A distanza di un anno, quella scommessa sembra essere stata vinta.

Domenica pomeriggio amici, clienti e tanti cittadini hanno riempito la piazza per festeggiare il primo anniversario della riapertura. L’occasione ha segnato anche un altro importante traguardo con l’inaugurazione ufficiale del locale adiacente, un tempo sede della boutique di Graziella Cosimini, oggi trasformato nella Loggia di Aristo.

Il nuovo ambiente ha quasi raddoppiato lo spazio a disposizione e ospita già una collezione di dipinti di Keane, ispirati agli oggetti, alle bottiglie e ai ricordi legati proprio ad Aristo.
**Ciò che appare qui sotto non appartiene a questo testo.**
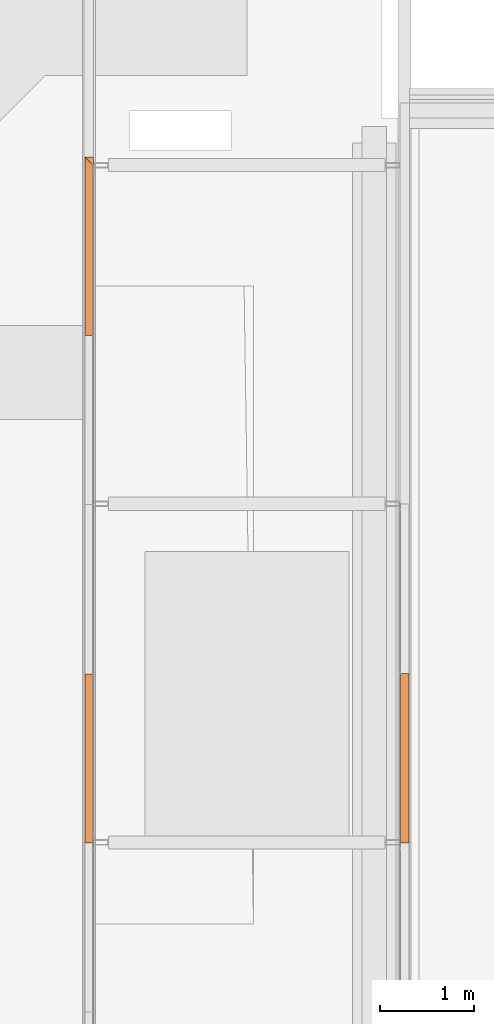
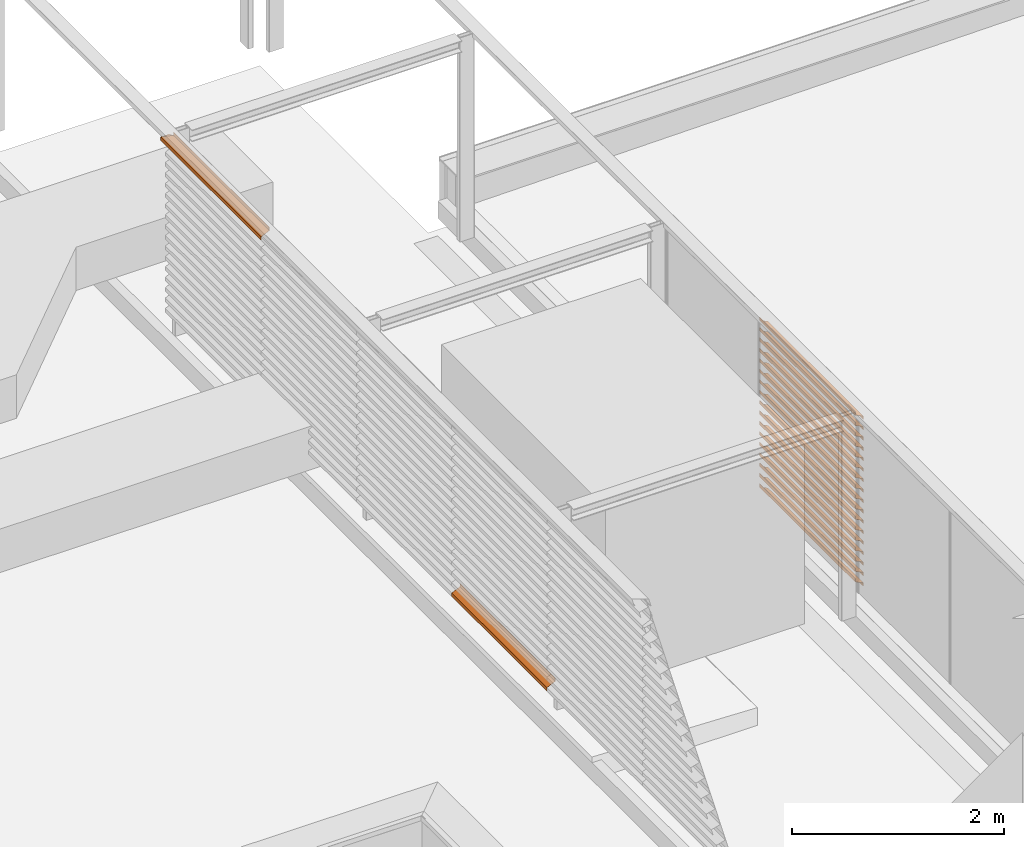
# One storey, part 31 of 32: 19 proxies.
"""IFC2X3 building model written with IfcOpenShell, lengths in millimetres."""

from ifc_helpers import new_model, entity, si_unit, converted_unit, derived_unit, direction, frame, origin, place, context, subcontext, project, spatial, faceted_brep, type_object, element, save


model = new_model("IFC2X3")

# Units and contexts
model_context = context("Model", 3, precision=0.01, world=origin(), true_north=direction((6.123031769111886e-17, 1.0)))
body_context = subcontext(model_context, "Body", "Model", "MODEL_VIEW")
ifc_project = project(units=[si_unit("LENGTHUNIT", "METRE", prefix="MILLI"), si_unit("AREAUNIT", "SQUARE_METRE"), si_unit("VOLUMEUNIT", "CUBIC_METRE"), converted_unit("PLANEANGLEUNIT", "DEGREE", entity("IfcRatioMeasure", 0.017453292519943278), si_unit("PLANEANGLEUNIT", "RADIAN"), dimensions=[0, 0, 0, 0, 0, 0, 0]), si_unit("MASSUNIT", "GRAM", prefix="KILO"), derived_unit("MASSDENSITYUNIT", [(si_unit("MASSUNIT", "GRAM", prefix="KILO"), 1), (si_unit("LENGTHUNIT", "METRE"), -3)]), derived_unit("IONCONCENTRATIONUNIT", [(si_unit("MASSUNIT", "GRAM", prefix="KILO"), 1), (si_unit("LENGTHUNIT", "METRE"), -3)]), derived_unit("MOMENTOFINERTIAUNIT", [(si_unit("LENGTHUNIT", "METRE"), 4)]), si_unit("TIMEUNIT", "SECOND"), si_unit("FREQUENCYUNIT", "HERTZ"), si_unit("THERMODYNAMICTEMPERATUREUNIT", "DEGREE_CELSIUS"), derived_unit("THERMALTRANSMITTANCEUNIT", [(si_unit("MASSUNIT", "GRAM", prefix="KILO"), 1), (si_unit("THERMODYNAMICTEMPERATUREUNIT", "KELVIN"), -1), (si_unit("TIMEUNIT", "SECOND"), -3)]), derived_unit("THERMALCONDUCTANCEUNIT", [(si_unit("MASSUNIT", "GRAM", prefix="KILO"), 1), (si_unit("THERMODYNAMICTEMPERATUREUNIT", "KELVIN"), -1), (si_unit("TIMEUNIT", "SECOND"), -3), (si_unit("LENGTHUNIT", "METRE"), 1)]), derived_unit("VOLUMETRICFLOWRATEUNIT", [(si_unit("LENGTHUNIT", "METRE"), 3), (si_unit("TIMEUNIT", "SECOND"), -1)]), derived_unit("MASSFLOWRATEUNIT", [(si_unit("MASSUNIT", "GRAM", prefix="KILO"), 1), (si_unit("TIMEUNIT", "SECOND"), -1)]), derived_unit("ROTATIONALFREQUENCYUNIT", [(si_unit("TIMEUNIT", "SECOND"), -1)]), si_unit("ELECTRICCURRENTUNIT", "AMPERE"), si_unit("ELECTRICVOLTAGEUNIT", "VOLT"), si_unit("POWERUNIT", "WATT"), si_unit("FORCEUNIT", "NEWTON", prefix="KILO"), si_unit("ILLUMINANCEUNIT", "LUX"), si_unit("LUMINOUSFLUXUNIT", "LUMEN"), si_unit("LUMINOUSINTENSITYUNIT", "CANDELA"), derived_unit("USERDEFINED", [(si_unit("MASSUNIT", "GRAM", prefix="KILO"), -1), (si_unit("LENGTHUNIT", "METRE"), -2), (si_unit("TIMEUNIT", "SECOND"), 3), (si_unit("LUMINOUSFLUXUNIT", "LUMEN"), 1)]), derived_unit("USERDEFINED", [(si_unit("MASSUNIT", "GRAM", prefix="KILO"), 1), (si_unit("TIMEUNIT", "SECOND"), -3), (si_unit("LENGTHUNIT", "METRE"), 3), (si_unit("ELECTRICCURRENTUNIT", "AMPERE"), -2)]), derived_unit("SOUNDPOWERUNIT", [(si_unit("MASSUNIT", "GRAM", prefix="KILO"), 1), (si_unit("TIMEUNIT", "SECOND"), -3), (si_unit("LENGTHUNIT", "METRE"), 2)]), derived_unit("SOUNDPRESSUREUNIT", [(si_unit("MASSUNIT", "GRAM", prefix="KILO"), 1), (si_unit("LENGTHUNIT", "METRE"), -1), (si_unit("TIMEUNIT", "SECOND"), -2)]), derived_unit("LINEARVELOCITYUNIT", [(si_unit("LENGTHUNIT", "METRE"), 1), (si_unit("TIMEUNIT", "SECOND"), -1)]), si_unit("PRESSUREUNIT", "PASCAL"), derived_unit("USERDEFINED", [(si_unit("MASSUNIT", "GRAM", prefix="KILO"), 1), (si_unit("LENGTHUNIT", "METRE"), -2), (si_unit("TIMEUNIT", "SECOND"), -2)]), derived_unit("LINEARFORCEUNIT", [(si_unit("MASSUNIT", "GRAM", prefix="KILO"), 1), (si_unit("TIMEUNIT", "SECOND"), -2)]), derived_unit("PLANARFORCEUNIT", [(si_unit("MASSUNIT", "GRAM", prefix="KILO"), 1), (si_unit("LENGTHUNIT", "METRE"), -1), (si_unit("TIMEUNIT", "SECOND"), -2)]), derived_unit("SPECIFICHEATCAPACITYUNIT", [(si_unit("THERMODYNAMICTEMPERATUREUNIT", "KELVIN"), -1), (si_unit("LENGTHUNIT", "METRE"), 2), (si_unit("TIMEUNIT", "SECOND"), -2)]), derived_unit("HEATINGVALUEUNIT", [(si_unit("LENGTHUNIT", "METRE"), 2), (si_unit("TIMEUNIT", "SECOND"), -2)]), derived_unit("VAPORPERMEABILITYUNIT", [(si_unit("LENGTHUNIT", "METRE"), -1), (si_unit("TIMEUNIT", "SECOND"), 1)]), derived_unit("DYNAMICVISCOSITYUNIT", [(si_unit("MASSUNIT", "GRAM", prefix="KILO"), 1), (si_unit("TIMEUNIT", "SECOND"), -1), (si_unit("LENGTHUNIT", "METRE"), -1)]), derived_unit("THERMALEXPANSIONCOEFFICIENTUNIT", [(si_unit("THERMODYNAMICTEMPERATUREUNIT", "KELVIN"), -1)]), derived_unit("MODULUSOFELASTICITYUNIT", [(si_unit("MASSUNIT", "GRAM", prefix="KILO"), 1), (si_unit("LENGTHUNIT", "METRE"), -1), (si_unit("TIMEUNIT", "SECOND"), -2)]), derived_unit("ISOTHERMALMOISTURECAPACITYUNIT", [(si_unit("LENGTHUNIT", "METRE"), 3), (si_unit("MASSUNIT", "GRAM", prefix="KILO"), -1)]), derived_unit("MOISTUREDIFFUSIVITYUNIT", [(si_unit("TIMEUNIT", "SECOND"), -1), (si_unit("LENGTHUNIT", "METRE"), 2)])], contexts=[model_context])

# Site, building, storey
site_placement = place(None, frame((0.0, 300.0, 0.0)))
site = spatial("IfcSite", under=ifc_project, at=site_placement, Name="<Kadastrale nummers>", CompositionType="ELEMENT")
building_placement = place(site_placement, origin())
building = spatial("IfcBuilding", under=site, at=building_placement, CompositionType="ELEMENT")
storey_placement = place(building_placement, frame((0.0, 0.0, 7150.000035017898)))
storey = spatial("IfcBuildingStorey", under=building, at=storey_placement, Name="02 tweede verdieping", CompositionType="ELEMENT", Elevation=7150.000035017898)

# Proxies
building_element_proxy_type_1 = type_object("IfcBuildingElementProxyType", Name="6287125", PredefinedType="NOTDEFINED")
proxy_1_placement = place(storey_placement, frame((38322.0, 44387.49999984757, 2420.0)))
element("IfcBuildingElementProxy", 1, at=proxy_1_placement, inside=storey, type_object=building_element_proxy_type_1, Name="6287125", context=body_context, shape_type="Brep", body=[
    faceted_brep([(0.0, 0.0, 40.0), (0.0, 0.0, 0.0), (2.0, 0.0, 1.3490170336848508), (2.0, 0.0, 38.725859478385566), (90.0, 0.0, 79.7609333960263), (90.0, 0.0, 120.0), (88.0, 0.0, 120.0), (88.0, 0.0, 81.03507391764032), (88.0, 1809.500000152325, 81.03507391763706), (0.0, 1897.5000001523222, 40.0), (88.0, 1809.5000001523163, 120.0), (90.0, 1807.5000001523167, 120.0), (90.0, 1807.5000001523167, 79.7609333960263), (2.0, 1895.5000001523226, 38.725859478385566), (2.0, 1895.5000001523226, 1.3490170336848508), (0.0, 1897.5000001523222, 0.0), (91.0, 1897.5000001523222, 40.0), (91.0, 1809.5000001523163, 81.0350739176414), (91.0, 1809.5000001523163, 120.0), (91.0, 1807.5000001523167, 120.0), (91.0, 1807.5000001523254, 79.76093339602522), (91.0, 1895.5000001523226, 38.72585947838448), (91.0, 1895.5000001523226, 1.3490170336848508), (91.0, 1897.5000001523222, 0.0)], [[[0, 1, 2, 3, 4, 5, 6, 7]], [[0, 7, 8, 9]], [[7, 6, 10, 8]], [[6, 5, 11, 10]], [[5, 4, 12, 11]], [[4, 3, 13, 12]], [[3, 2, 14, 13]], [[2, 1, 15, 14]], [[1, 0, 9, 15]], [[16, 17, 18, 19, 20, 21, 22, 23]], [[15, 9, 16, 23]], [[14, 15, 23, 22]], [[13, 14, 22, 21]], [[12, 13, 21, 20]], [[11, 12, 20, 19]], [[10, 11, 19, 18]], [[8, 10, 18, 17]], [[9, 8, 17, 16]]]),
])
building_element_proxy_type_2 = type_object("IfcBuildingElementProxyType", Name="6287239", PredefinedType="NOTDEFINED")
proxy_2_placement = place(storey_placement, frame((38322.0, 38995.0, 500.0)))
element("IfcBuildingElementProxy", 2, at=proxy_2_placement, inside=storey, type_object=building_element_proxy_type_2, Name="6287239", context=body_context, shape_type="Brep", body=[
    faceted_brep([(0.0, 0.0, 40.0), (0.0, 0.0, 0.0), (2.0, 0.0, 1.3490170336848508), (2.0, 0.0, 38.725859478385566), (90.0, 0.0, 79.7609333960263), (90.0, 0.0, 120.0), (88.0, 0.0, 120.0), (88.0, 0.0, 81.03507391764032), (0.0, 1797.5000001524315, 40.0), (88.0, 1797.5000001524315, 81.03507391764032), (88.0, 1797.5000001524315, 120.0), (90.0, 1797.5000001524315, 120.0), (90.0, 1797.5000001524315, 79.76093339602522), (2.0, 1797.5000001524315, 38.72585947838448), (2.0, 1797.5000001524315, 1.3490170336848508), (0.0, 1797.5000001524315, 0.0)], [[[0, 1, 2, 3, 4, 5, 6, 7]], [[8, 9, 10, 11, 12, 13, 14, 15]], [[0, 7, 9, 8]], [[7, 6, 10, 9]], [[6, 5, 11, 10]], [[5, 4, 12, 11]], [[4, 3, 13, 12]], [[3, 2, 14, 13]], [[2, 1, 15, 14]], [[1, 0, 8, 15]]]),
])
building_element_proxy_type_3 = type_object("IfcBuildingElementProxyType", Name="6605324", PredefinedType="NOTDEFINED")
proxy_3_placement = place(storey_placement, frame((41678.0, 38995.0, 2420.0)))
element("IfcBuildingElementProxy", 3, at=proxy_3_placement, inside=storey, type_object=building_element_proxy_type_3, Name="6605324", context=body_context, shape_type="Brep", body=[
    faceted_brep([(90.0, 0.0, 40.0), (2.0, 0.0, 81.0350739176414), (2.0, 0.0, 120.0), (0.0, 0.0, 120.0), (0.0, 0.0, 79.76093339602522), (88.0, 0.0, 38.72585947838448), (88.0, 0.0, 1.3490170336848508), (90.0, 0.0, 0.0), (90.0, 1802.4999999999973, 40.0), (90.0, 1802.4999999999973, 0.0), (88.0, 1802.4999999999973, 1.3490170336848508), (88.0, 1802.4999999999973, 38.725859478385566), (0.0, 1802.4999999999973, 79.7609333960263), (0.0, 1802.4999999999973, 120.0), (2.0, 1802.4999999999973, 120.0), (2.0, 1802.4999999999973, 81.03507391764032)], [[[0, 1, 2, 3, 4, 5, 6, 7]], [[8, 9, 10, 11, 12, 13, 14, 15]], [[1, 0, 8, 15]], [[2, 1, 15, 14]], [[3, 2, 14, 13]], [[4, 3, 13, 12]], [[5, 4, 12, 11]], [[6, 5, 11, 10]], [[7, 6, 10, 9]], [[0, 7, 9, 8]]]),
])
building_element_proxy_type_4 = type_object("IfcBuildingElementProxyType", Name="6605325", PredefinedType="NOTDEFINED")
proxy_4_placement = place(storey_placement, frame((41678.0, 38995.0, 2300.0)))
element("IfcBuildingElementProxy", 4, at=proxy_4_placement, inside=storey, type_object=building_element_proxy_type_4, Name="6605325", context=body_context, shape_type="Brep", body=[
    faceted_brep([(90.0, 0.0, 40.0), (2.0, 0.0, 81.03507391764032), (2.0, 0.0, 120.0), (0.0, 0.0, 120.0), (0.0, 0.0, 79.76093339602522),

La mostra rappresenta una cornice ideale, capace di unire il passato dello storico locale con il suo nuovo capitolo.

All’esterno, la festa si è riversata nella piazza, dove palloncini rossi galleggiavano sopra i tavoli mentre lo staff offriva un ricco buffet al continuo via vai di visitatori. Per tutto il pomeriggio è stato un susseguirsi di amici e conoscenti arrivati per fare gli auguri, condividere ricordi e brindare alla famiglia che ha reso possibile questa rinascita.

Nessuna festa da Da Aristo sarebbe sembrata completa senza la musica e, ancora una volta, gli Aristodemos hanno fatto esattamente questo.

Suonando proprio davanti all’ingresso dove un tempo Aristo intratteneva i suoi clienti, il gruppo ha riempito la piazza con un repertorio di canzoni tradizionali e brani popolari che hanno visto il pubblico cantare, battere le mani a tempo e, in più di un’occasione, improvvisare qualche passo di danza tra i tavoli.

Era una scena che trasmetteva una piacevole sensazione di familiarità.

I volti saranno anche cambiati e lo spazio sarà oggi più ampio, ma almeno per un pomeriggio è tornata quell’atmosfera che aveva reso Da Aristo un luogo così speciale. Non è stato tanto un esercizio di nostalgia, quanto il riconoscimento che alcune tradizioni continuano a vivere perché ogni generazione trova il proprio modo di raccoglierle e portarle avanti.

A giudicare dalla festa di domenica, Da Aristo non si è semplicemente riaperto: ha trovato un nuovo futuro, rimanendo fedele alla propria storia.